(Stored items from a collection)
+ + +
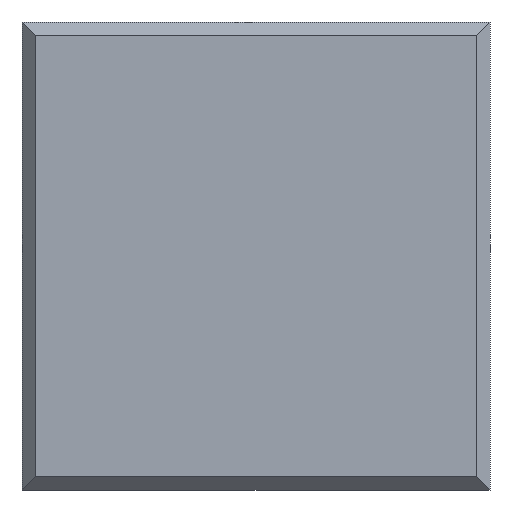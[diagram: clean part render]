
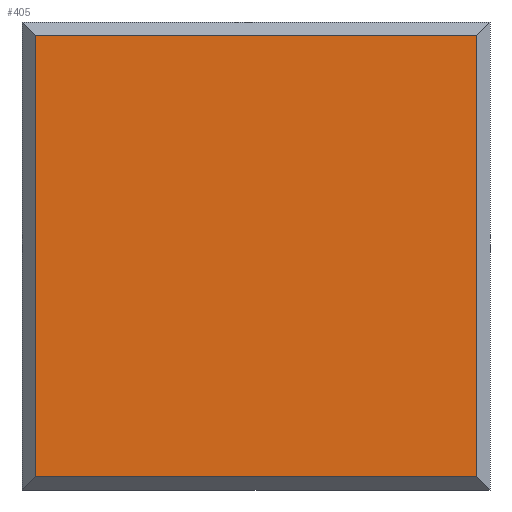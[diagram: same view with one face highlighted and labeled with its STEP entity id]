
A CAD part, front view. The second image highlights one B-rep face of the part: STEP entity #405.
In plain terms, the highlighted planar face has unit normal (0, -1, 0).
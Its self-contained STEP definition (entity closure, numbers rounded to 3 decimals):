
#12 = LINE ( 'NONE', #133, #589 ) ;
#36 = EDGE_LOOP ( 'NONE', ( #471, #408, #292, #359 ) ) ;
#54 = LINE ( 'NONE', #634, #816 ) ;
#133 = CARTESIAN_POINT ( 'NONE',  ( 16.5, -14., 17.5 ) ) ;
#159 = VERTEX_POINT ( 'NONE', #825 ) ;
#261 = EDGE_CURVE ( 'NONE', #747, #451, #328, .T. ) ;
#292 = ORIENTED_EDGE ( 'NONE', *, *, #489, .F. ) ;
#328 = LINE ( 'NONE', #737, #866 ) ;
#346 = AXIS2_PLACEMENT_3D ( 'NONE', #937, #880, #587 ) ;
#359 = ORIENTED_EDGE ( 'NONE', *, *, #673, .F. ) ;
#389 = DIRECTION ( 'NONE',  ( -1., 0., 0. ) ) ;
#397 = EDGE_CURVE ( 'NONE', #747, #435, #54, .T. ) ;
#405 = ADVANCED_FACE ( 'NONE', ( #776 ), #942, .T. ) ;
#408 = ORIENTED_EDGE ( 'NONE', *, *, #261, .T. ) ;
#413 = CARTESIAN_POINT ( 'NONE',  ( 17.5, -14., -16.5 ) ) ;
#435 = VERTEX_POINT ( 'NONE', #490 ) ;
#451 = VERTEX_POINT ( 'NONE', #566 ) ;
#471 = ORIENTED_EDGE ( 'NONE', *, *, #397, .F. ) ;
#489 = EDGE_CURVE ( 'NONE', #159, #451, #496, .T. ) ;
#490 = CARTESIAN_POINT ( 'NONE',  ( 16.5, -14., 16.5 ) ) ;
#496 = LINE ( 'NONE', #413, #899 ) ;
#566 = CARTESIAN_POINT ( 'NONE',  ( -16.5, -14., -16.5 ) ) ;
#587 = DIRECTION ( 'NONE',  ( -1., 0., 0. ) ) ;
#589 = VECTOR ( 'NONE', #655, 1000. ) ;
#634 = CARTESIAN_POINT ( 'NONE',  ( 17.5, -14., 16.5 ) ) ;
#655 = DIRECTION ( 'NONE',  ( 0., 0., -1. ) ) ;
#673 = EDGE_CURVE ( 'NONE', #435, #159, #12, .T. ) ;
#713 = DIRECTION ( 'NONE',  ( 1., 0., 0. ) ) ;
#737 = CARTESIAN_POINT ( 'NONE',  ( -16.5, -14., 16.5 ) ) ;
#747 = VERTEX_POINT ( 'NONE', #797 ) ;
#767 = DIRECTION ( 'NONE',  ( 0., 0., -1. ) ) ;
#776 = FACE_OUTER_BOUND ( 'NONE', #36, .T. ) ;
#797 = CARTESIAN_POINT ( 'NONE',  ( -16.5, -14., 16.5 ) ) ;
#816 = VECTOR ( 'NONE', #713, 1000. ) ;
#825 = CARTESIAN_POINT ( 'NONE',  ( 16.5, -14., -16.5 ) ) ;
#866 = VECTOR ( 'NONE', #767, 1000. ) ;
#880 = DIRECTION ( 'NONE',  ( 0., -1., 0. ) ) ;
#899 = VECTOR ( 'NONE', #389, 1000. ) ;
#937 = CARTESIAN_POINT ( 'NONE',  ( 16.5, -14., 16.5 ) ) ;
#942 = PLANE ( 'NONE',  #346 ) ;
+ + +
REQUIREMENT => Give the entries above again word for word, without any pictures.

RESPONSE TO THE TASK =>
[diagram: clean part render]
[diagram: same view with one face highlighted and labeled with its STEP entity id]
A CAD part, front view. The second image highlights one B-rep face of the part: STEP entity #405.
In plain terms, the highlighted planar face has unit normal (0, -1, 0).
Its self-contained STEP definition (entity closure, numbers rounded to 3 decimals):
#12 = LINE ( 'NONE', #133, #589 ) ;
#36 = EDGE_LOOP ( 'NONE', ( #471, #408, #292, #359 ) ) ;
#54 = LINE ( 'NONE', #634, #816 ) ;
#133 = CARTESIAN_POINT ( 'NONE',  ( 16.5, -14., 17.5 ) ) ;
#159 = VERTEX_POINT ( 'NONE', #825 ) ;
#261 = EDGE_CURVE ( 'NONE', #747, #451, #328, .T. ) ;
#292 = ORIENTED_EDGE ( 'NONE', *, *, #489, .F. ) ;
#328 = LINE ( 'NONE', #737, #866 ) ;
#346 = AXIS2_PLACEMENT_3D ( 'NONE', #937, #880, #587 ) ;
#359 = ORIENTED_EDGE ( 'NONE', *, *, #673, .F. ) ;
#389 = DIRECTION ( 'NONE',  ( -1., 0., 0. ) ) ;
#397 = EDGE_CURVE ( 'NONE', #747, #435, #54, .T. ) ;
#405 = ADVANCED_FACE ( 'NONE', ( #776 ), #942, .T. ) ;
#408 = ORIENTED_EDGE ( 'NONE', *, *, #261, .T. ) ;
#413 = CARTESIAN_POINT ( 'NONE',  ( 17.5, -14., -16.5 ) ) ;
#435 = VERTEX_POINT ( 'NONE', #490 ) ;
#451 = VERTEX_POINT ( 'NONE', #566 ) ;
#471 = ORIENTED_EDGE ( 'NONE', *, *, #397, .F. ) ;
#489 = EDGE_CURVE ( 'NONE', #159, #451, #496, .T. ) ;
#490 = CARTESIAN_POINT ( 'NONE',  ( 16.5, -14., 16.5 ) ) ;
#496 = LINE ( 'NONE', #413, #899 ) ;
#566 = CARTESIAN_POINT ( 'NONE',  ( -16.5, -14., -16.5 ) ) ;
#587 = DIRECTION ( 'NONE',  ( -1., 0., 0. ) ) ;
#589 = VECTOR ( 'NONE', #655, 1000. ) ;
#634 = CARTESIAN_POINT ( 'NONE',  ( 17.5, -14., 16.5 ) ) ;
#655 = DIRECTION ( 'NONE',  ( 0., 0., -1. ) ) ;
#673 = EDGE_CURVE ( 'NONE', #435, #159, #12, .T. ) ;
#713 = DIRECTION ( 'NONE',  ( 1., 0., 0. ) ) ;
#737 = CARTESIAN_POINT ( 'NONE',  ( -16.5, -14., 16.5 ) ) ;
#747 = VERTEX_POINT ( 'NONE', #797 ) ;
#767 = DIRECTION ( 'NONE',  ( 0., 0., -1. ) ) ;
#776 = FACE_OUTER_BOUND ( 'NONE', #36, .T. ) ;
#797 = CARTESIAN_POINT ( 'NONE',  ( -16.5, -14., 16.5 ) ) ;
#816 = VECTOR ( 'NONE', #713, 1000. ) ;
#825 = CARTESIAN_POINT ( 'NONE',  ( 16.5, -14., -16.5 ) ) ;
#866 = VECTOR ( 'NONE', #767, 1000. ) ;
#880 = DIRECTION ( 'NONE',  ( 0., -1., 0. ) ) ;
#899 = VECTOR ( 'NONE', #389, 1000. ) ;
#937 = CARTESIAN_POINT ( 'NONE',  ( 16.5, -14., 16.5 ) ) ;
#942 = PLANE ( 'NONE',  #346 ) ;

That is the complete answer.